Here again is Dr. Michael Brown. Welcome, friends, to The Line of Fire. Hey, we have our first registrants for our trip to Israel.

We just sent out our e-blast yesterday. We will be physically in the land eight days, May 17th to 24th, so there's travel days on either side of that. So it's it's about a 10-day trip overall, and it's going to be an amazing time. Not only the incredible tour during the day, just just that is everything.

I mean, you go for that is everything. But I'd like to do special events at night for those that want more to do, those that sometimes just want to crash and chill at night. But since we're together, we've got a great opportunity. We do Q&A nights. We do live radio broadcasts. We've got Dr. Mark and Angela Stengler with us. They're going to do a Q&A night, medical and health nutrition things, and we'll have a night, we'll worship and hear from a messianic Jewish leader in the land. So it's it's just it's an incredible trip. So go to the website, askdrbrown.org, askdrbrown.org. You'll see it right on the home page and get signed up if you want to be there.

It is going to be an amazing time. If you are struggling with doubt in your own life, there is major unbelief. There's a hurdle.

You're having a hard time getting over. We're going to take some calls today. 866-348-7884.

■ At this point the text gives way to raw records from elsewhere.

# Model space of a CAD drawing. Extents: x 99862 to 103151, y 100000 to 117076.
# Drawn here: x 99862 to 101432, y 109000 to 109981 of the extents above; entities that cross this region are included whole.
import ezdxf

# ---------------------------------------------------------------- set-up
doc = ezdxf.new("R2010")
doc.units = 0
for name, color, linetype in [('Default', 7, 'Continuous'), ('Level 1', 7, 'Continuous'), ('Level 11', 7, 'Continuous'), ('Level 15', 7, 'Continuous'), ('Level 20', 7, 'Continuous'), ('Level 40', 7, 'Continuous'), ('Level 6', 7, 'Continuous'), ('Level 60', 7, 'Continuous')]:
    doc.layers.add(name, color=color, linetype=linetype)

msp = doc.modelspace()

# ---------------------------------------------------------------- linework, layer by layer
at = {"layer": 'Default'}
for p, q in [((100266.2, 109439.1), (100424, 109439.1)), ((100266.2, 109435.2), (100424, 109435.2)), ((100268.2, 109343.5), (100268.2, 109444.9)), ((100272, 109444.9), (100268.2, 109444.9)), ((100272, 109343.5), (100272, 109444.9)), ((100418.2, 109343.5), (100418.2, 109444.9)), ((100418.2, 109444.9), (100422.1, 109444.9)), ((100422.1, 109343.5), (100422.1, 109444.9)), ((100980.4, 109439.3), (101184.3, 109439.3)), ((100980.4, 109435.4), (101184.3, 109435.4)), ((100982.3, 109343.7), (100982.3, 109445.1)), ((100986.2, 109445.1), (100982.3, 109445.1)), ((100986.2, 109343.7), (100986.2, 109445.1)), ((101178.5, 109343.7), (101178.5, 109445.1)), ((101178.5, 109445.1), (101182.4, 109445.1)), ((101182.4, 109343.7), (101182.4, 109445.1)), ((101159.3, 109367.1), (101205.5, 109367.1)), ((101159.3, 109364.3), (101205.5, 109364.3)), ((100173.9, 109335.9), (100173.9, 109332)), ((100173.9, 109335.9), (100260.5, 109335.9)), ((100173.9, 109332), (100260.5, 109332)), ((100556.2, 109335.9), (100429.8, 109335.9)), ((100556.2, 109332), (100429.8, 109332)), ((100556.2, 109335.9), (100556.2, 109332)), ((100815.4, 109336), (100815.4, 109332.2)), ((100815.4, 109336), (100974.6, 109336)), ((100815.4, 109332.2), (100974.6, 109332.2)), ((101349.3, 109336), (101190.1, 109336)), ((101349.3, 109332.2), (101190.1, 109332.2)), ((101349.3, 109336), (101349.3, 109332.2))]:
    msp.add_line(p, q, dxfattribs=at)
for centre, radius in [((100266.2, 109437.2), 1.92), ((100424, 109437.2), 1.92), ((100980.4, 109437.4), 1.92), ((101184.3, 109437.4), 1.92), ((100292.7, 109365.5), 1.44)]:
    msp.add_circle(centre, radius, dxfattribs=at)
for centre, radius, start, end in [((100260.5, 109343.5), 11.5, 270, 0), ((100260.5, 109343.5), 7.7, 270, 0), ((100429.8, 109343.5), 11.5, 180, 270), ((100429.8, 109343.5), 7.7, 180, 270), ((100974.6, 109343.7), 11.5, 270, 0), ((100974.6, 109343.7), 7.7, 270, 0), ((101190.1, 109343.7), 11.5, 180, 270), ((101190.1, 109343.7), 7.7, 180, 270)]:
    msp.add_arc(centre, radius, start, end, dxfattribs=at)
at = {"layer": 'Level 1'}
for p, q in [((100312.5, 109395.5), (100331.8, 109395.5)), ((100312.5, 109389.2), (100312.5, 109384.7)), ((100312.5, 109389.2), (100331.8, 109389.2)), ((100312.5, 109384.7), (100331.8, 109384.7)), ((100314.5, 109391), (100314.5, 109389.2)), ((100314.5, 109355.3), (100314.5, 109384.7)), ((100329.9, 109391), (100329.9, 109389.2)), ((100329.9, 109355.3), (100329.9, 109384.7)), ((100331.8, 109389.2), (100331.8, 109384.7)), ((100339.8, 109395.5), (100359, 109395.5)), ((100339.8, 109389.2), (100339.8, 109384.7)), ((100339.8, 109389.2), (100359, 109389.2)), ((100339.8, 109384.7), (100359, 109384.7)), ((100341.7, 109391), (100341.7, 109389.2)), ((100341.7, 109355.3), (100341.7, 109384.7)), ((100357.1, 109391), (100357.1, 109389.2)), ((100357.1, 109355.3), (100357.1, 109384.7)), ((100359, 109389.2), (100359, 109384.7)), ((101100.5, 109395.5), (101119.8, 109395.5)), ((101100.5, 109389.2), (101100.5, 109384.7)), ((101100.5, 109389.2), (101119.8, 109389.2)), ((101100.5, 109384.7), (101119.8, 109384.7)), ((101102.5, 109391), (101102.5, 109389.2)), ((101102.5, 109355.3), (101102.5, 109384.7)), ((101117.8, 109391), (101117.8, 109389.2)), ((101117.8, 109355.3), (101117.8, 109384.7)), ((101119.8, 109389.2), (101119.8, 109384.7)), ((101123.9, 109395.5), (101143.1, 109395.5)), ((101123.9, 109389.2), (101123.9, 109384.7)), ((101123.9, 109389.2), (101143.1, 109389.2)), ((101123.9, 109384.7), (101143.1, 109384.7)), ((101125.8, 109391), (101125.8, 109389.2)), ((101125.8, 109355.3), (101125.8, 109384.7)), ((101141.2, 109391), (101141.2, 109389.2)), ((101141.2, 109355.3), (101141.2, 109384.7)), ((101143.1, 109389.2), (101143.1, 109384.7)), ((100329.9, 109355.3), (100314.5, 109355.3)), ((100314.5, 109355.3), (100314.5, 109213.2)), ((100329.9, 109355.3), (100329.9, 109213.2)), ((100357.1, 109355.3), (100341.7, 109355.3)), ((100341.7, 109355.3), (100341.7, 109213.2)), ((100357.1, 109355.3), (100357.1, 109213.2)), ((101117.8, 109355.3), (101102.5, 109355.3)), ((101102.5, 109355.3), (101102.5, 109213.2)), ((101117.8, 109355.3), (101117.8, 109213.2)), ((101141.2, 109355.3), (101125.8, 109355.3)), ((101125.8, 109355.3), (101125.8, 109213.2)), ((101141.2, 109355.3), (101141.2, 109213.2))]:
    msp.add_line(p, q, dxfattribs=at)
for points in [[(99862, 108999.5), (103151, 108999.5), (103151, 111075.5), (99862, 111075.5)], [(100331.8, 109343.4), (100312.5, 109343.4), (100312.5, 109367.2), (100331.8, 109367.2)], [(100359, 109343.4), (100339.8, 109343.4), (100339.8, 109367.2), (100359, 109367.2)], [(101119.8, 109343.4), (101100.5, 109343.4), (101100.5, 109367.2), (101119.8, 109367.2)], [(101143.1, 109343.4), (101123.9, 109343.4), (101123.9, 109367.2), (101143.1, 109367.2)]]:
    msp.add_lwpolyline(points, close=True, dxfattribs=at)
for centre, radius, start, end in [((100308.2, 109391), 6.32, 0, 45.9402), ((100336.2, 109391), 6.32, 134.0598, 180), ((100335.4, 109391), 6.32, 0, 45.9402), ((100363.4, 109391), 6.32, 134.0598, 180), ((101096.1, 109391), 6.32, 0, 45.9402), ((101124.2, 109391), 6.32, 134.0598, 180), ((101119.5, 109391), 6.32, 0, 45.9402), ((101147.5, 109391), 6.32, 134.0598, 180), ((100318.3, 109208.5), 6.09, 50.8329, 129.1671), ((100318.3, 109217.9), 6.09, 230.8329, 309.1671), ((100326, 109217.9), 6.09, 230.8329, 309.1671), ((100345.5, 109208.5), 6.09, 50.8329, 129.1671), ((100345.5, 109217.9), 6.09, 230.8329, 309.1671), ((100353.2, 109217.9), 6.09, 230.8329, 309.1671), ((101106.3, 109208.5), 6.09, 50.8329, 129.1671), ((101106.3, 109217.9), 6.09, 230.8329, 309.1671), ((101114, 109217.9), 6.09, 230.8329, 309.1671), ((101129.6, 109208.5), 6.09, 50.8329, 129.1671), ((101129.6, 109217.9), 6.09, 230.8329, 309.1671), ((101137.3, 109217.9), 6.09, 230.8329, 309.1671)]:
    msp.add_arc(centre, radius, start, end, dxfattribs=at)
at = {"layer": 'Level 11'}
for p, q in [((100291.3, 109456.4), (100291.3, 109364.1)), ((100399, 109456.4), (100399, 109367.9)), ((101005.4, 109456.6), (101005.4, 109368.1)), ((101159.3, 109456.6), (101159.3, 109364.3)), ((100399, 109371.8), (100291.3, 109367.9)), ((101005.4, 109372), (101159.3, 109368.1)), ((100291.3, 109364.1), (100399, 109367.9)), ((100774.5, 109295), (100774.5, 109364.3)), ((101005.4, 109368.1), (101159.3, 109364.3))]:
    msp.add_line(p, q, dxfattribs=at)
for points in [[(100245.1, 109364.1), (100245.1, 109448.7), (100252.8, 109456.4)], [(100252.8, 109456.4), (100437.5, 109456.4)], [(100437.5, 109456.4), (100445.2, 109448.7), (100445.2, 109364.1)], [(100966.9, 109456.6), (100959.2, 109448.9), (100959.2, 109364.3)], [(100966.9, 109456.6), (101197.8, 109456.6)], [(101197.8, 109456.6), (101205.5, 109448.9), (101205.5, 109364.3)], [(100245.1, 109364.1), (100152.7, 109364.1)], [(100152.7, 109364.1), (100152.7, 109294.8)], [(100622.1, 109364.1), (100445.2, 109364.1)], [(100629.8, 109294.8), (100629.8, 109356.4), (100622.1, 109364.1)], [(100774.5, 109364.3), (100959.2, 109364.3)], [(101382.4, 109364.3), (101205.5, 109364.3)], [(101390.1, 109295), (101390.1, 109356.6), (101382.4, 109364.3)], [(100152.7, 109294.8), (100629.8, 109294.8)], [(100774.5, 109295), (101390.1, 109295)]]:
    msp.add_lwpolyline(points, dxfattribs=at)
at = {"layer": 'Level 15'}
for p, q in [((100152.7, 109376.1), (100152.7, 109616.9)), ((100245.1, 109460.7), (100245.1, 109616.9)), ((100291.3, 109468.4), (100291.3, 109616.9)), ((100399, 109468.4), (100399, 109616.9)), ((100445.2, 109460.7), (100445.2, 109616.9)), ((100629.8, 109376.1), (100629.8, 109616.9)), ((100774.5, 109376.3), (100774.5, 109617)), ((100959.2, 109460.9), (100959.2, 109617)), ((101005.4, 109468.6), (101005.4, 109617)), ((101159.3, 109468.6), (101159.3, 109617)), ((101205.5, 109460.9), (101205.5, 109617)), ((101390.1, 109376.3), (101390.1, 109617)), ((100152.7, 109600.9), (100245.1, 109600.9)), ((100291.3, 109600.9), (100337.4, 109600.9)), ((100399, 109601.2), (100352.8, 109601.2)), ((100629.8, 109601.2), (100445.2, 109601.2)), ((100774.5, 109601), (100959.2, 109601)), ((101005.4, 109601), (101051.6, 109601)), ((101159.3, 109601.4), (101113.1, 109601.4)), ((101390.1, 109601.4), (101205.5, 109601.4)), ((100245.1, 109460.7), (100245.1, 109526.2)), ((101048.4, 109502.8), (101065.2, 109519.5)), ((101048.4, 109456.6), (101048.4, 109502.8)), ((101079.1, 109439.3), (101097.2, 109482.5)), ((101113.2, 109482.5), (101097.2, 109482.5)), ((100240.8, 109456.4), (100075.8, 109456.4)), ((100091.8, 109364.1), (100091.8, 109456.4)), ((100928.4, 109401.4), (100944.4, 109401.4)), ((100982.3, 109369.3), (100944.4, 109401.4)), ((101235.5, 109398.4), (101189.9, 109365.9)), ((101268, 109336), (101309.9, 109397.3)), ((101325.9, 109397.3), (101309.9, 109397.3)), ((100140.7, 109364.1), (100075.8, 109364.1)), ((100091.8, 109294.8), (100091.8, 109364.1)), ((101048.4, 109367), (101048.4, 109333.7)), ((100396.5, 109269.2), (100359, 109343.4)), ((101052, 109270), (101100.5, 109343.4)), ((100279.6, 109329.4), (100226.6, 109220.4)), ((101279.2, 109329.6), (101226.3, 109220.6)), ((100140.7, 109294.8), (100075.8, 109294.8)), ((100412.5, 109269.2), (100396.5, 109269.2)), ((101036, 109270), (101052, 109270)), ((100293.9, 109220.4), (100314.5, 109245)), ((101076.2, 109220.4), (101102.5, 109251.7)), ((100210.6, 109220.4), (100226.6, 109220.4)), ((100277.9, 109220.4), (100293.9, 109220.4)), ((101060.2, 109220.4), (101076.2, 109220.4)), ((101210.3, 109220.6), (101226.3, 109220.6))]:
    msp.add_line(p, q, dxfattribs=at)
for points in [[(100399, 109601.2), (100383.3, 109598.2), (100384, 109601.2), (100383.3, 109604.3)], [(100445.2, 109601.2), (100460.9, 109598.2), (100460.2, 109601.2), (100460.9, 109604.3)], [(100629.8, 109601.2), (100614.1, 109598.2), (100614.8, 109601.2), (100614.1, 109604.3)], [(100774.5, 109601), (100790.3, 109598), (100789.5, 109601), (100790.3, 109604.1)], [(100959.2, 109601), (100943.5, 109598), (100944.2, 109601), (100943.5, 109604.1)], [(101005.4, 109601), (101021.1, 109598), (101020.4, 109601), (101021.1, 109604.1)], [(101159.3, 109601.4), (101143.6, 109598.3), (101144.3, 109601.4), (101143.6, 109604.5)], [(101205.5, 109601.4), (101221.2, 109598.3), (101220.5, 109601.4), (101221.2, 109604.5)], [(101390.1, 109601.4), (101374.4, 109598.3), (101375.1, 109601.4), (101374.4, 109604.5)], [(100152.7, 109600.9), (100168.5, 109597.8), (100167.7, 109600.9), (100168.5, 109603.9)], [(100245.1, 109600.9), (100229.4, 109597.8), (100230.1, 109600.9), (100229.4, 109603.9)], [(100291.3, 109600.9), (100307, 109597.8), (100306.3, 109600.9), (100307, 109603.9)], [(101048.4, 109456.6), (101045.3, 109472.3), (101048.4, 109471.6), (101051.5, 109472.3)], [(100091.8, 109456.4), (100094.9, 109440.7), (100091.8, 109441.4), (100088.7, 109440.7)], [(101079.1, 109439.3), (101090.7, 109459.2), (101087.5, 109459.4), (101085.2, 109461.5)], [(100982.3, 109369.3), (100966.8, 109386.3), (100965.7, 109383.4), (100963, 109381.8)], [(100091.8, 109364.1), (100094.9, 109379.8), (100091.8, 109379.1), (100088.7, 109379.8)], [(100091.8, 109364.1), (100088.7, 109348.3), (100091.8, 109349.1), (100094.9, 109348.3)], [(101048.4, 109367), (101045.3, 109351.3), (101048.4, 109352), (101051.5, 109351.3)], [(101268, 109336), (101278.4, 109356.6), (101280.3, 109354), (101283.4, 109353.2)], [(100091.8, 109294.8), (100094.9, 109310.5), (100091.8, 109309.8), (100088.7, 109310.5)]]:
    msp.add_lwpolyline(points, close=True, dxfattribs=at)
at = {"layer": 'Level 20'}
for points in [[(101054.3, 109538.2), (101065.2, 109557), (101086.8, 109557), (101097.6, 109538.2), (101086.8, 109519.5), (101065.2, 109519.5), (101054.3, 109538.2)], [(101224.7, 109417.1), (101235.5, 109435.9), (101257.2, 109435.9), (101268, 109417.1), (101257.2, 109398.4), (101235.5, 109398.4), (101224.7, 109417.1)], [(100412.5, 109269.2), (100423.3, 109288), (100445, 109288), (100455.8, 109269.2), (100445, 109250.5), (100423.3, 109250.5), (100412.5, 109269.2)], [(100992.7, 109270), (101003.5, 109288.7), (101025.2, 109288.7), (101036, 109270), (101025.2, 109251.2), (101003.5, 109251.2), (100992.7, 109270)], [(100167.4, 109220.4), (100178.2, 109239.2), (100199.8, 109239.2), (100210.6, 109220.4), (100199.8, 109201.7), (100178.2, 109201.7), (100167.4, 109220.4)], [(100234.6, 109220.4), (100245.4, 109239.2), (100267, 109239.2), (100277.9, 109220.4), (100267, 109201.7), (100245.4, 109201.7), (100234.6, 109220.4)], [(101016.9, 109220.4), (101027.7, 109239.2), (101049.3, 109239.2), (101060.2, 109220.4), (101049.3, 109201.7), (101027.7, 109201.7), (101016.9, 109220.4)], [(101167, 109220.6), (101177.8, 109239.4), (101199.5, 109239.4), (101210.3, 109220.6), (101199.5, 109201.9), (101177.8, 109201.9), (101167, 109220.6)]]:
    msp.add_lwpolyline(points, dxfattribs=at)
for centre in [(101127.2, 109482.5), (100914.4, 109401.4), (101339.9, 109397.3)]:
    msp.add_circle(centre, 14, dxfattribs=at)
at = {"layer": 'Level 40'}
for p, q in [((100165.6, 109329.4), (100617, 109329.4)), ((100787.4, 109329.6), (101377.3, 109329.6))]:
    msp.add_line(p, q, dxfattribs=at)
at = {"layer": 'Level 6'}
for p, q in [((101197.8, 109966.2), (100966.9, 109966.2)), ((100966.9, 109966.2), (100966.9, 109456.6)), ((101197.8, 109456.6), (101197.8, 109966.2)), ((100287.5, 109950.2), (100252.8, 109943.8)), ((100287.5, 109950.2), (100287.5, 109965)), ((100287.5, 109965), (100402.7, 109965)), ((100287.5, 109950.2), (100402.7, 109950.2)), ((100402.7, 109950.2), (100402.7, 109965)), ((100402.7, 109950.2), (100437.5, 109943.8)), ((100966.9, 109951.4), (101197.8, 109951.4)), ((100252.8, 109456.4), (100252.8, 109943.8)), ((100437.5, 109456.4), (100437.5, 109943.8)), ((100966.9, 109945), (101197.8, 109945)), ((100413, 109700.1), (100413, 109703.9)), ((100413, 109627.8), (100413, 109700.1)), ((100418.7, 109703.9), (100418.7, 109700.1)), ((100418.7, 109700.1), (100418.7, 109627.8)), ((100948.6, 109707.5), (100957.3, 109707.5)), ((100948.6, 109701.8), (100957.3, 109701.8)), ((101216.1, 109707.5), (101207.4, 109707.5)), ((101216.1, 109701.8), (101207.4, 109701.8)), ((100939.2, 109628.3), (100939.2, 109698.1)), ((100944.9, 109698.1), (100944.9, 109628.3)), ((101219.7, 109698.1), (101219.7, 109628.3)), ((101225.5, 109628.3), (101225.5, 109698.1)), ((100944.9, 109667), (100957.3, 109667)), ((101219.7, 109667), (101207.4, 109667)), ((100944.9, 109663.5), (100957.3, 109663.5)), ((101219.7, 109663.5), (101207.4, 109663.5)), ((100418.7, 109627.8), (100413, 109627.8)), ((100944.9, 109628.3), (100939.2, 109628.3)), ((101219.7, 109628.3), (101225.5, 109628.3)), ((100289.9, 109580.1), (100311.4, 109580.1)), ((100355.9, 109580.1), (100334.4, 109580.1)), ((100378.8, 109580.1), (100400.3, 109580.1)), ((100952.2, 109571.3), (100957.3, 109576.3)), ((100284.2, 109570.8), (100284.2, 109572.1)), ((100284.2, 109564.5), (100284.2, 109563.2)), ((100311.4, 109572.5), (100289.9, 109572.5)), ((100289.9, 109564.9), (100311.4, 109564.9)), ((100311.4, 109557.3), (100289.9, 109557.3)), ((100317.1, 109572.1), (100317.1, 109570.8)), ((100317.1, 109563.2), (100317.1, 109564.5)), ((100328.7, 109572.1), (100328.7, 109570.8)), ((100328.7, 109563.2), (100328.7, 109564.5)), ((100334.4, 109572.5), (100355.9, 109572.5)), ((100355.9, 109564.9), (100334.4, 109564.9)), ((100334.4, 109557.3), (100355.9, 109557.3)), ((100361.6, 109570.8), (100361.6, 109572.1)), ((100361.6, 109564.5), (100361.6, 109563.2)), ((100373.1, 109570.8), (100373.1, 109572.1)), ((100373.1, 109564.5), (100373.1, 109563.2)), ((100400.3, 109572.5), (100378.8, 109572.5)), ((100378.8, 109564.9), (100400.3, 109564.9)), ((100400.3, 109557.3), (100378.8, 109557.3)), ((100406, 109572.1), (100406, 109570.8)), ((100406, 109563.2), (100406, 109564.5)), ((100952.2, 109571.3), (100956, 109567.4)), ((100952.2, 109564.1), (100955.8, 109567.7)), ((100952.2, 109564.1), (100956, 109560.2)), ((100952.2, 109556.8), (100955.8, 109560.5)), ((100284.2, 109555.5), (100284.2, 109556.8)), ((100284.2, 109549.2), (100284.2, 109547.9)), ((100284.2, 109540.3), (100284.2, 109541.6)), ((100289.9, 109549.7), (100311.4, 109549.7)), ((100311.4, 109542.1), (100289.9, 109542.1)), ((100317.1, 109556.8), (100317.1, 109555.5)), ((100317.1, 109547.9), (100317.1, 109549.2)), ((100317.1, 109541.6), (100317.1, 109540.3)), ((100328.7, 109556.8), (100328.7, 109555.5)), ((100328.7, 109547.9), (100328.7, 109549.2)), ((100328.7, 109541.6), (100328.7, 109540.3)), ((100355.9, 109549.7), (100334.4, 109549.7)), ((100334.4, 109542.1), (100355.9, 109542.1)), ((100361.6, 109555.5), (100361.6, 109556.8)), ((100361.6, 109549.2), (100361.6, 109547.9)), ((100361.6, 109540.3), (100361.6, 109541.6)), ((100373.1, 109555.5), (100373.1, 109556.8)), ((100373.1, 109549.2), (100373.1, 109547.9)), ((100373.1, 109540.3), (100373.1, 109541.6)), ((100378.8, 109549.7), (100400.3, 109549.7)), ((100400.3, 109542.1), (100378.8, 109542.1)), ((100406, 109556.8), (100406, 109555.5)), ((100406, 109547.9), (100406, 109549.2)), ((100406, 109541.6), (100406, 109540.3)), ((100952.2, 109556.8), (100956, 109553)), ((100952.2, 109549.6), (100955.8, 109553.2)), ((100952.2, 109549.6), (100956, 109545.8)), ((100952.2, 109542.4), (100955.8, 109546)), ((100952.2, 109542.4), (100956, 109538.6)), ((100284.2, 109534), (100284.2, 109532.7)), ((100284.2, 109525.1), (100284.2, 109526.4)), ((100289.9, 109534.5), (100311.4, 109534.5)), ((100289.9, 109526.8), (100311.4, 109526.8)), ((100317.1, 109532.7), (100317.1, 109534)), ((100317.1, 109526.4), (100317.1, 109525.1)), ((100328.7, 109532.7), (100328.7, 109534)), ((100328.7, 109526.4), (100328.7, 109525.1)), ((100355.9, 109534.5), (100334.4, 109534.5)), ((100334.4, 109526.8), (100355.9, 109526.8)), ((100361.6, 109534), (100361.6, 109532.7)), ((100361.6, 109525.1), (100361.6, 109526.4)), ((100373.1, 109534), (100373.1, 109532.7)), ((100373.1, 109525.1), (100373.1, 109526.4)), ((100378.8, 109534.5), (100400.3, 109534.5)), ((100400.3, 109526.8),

Bottom of the hour. We'll be joined by Jonathan McClatchy and we'll talk about this new online initiative talking about your doubts. So many of you know, when I came to faith, here was a heavy drug user for two years, ages 14 to 16, got radically born again. And my dad was thrilled to see that I was off drugs because he was concerned. He didn't know the full details, but he knew I'd become a heavy drug user and he was concerned as any parent would be. So when he saw the radical change in my life, he said, Michael, I'm glad you're off drugs, but we're Jews.

We don't believe this. So he brought me to meet the local rabbi and local rabbi was about 11 years older than me. He was fresh out of Jewish Theological Seminary.

Brilliant man. We were actually in touch again a couple of years ago. My job commentary came out and reached out to him and wanted him to have a copy because I knew he had spent a lot of time studying job many years ago. And again, brilliant, brilliant man deep into the Hebrew language. So he took a personal interest in me. We would talk about the faith and, you know, I was brand new, but started to get some good foundations. And as we talked more, he'd say, look, you know, you don't know Hebrew.

How can you teach us? And I said, well, you know, I'll take I'll take Hebrew when I go to college and learn. I said, in the meantime, I'm using the Hebrew dictionary in the back of Strong's Concordance, which is not a reliable dictionary, by the way. It's a long story.

But but anyway, I said in the meantime, I'm using that. His answer was meantime, meantime, if you don't know, Hebrew doesn't mean a thing. Well, he took such a personal interest in me that he kept bringing me to meet different rabbis. And he just thought maybe something would connect, maybe something that the rabbi would say would get my interest.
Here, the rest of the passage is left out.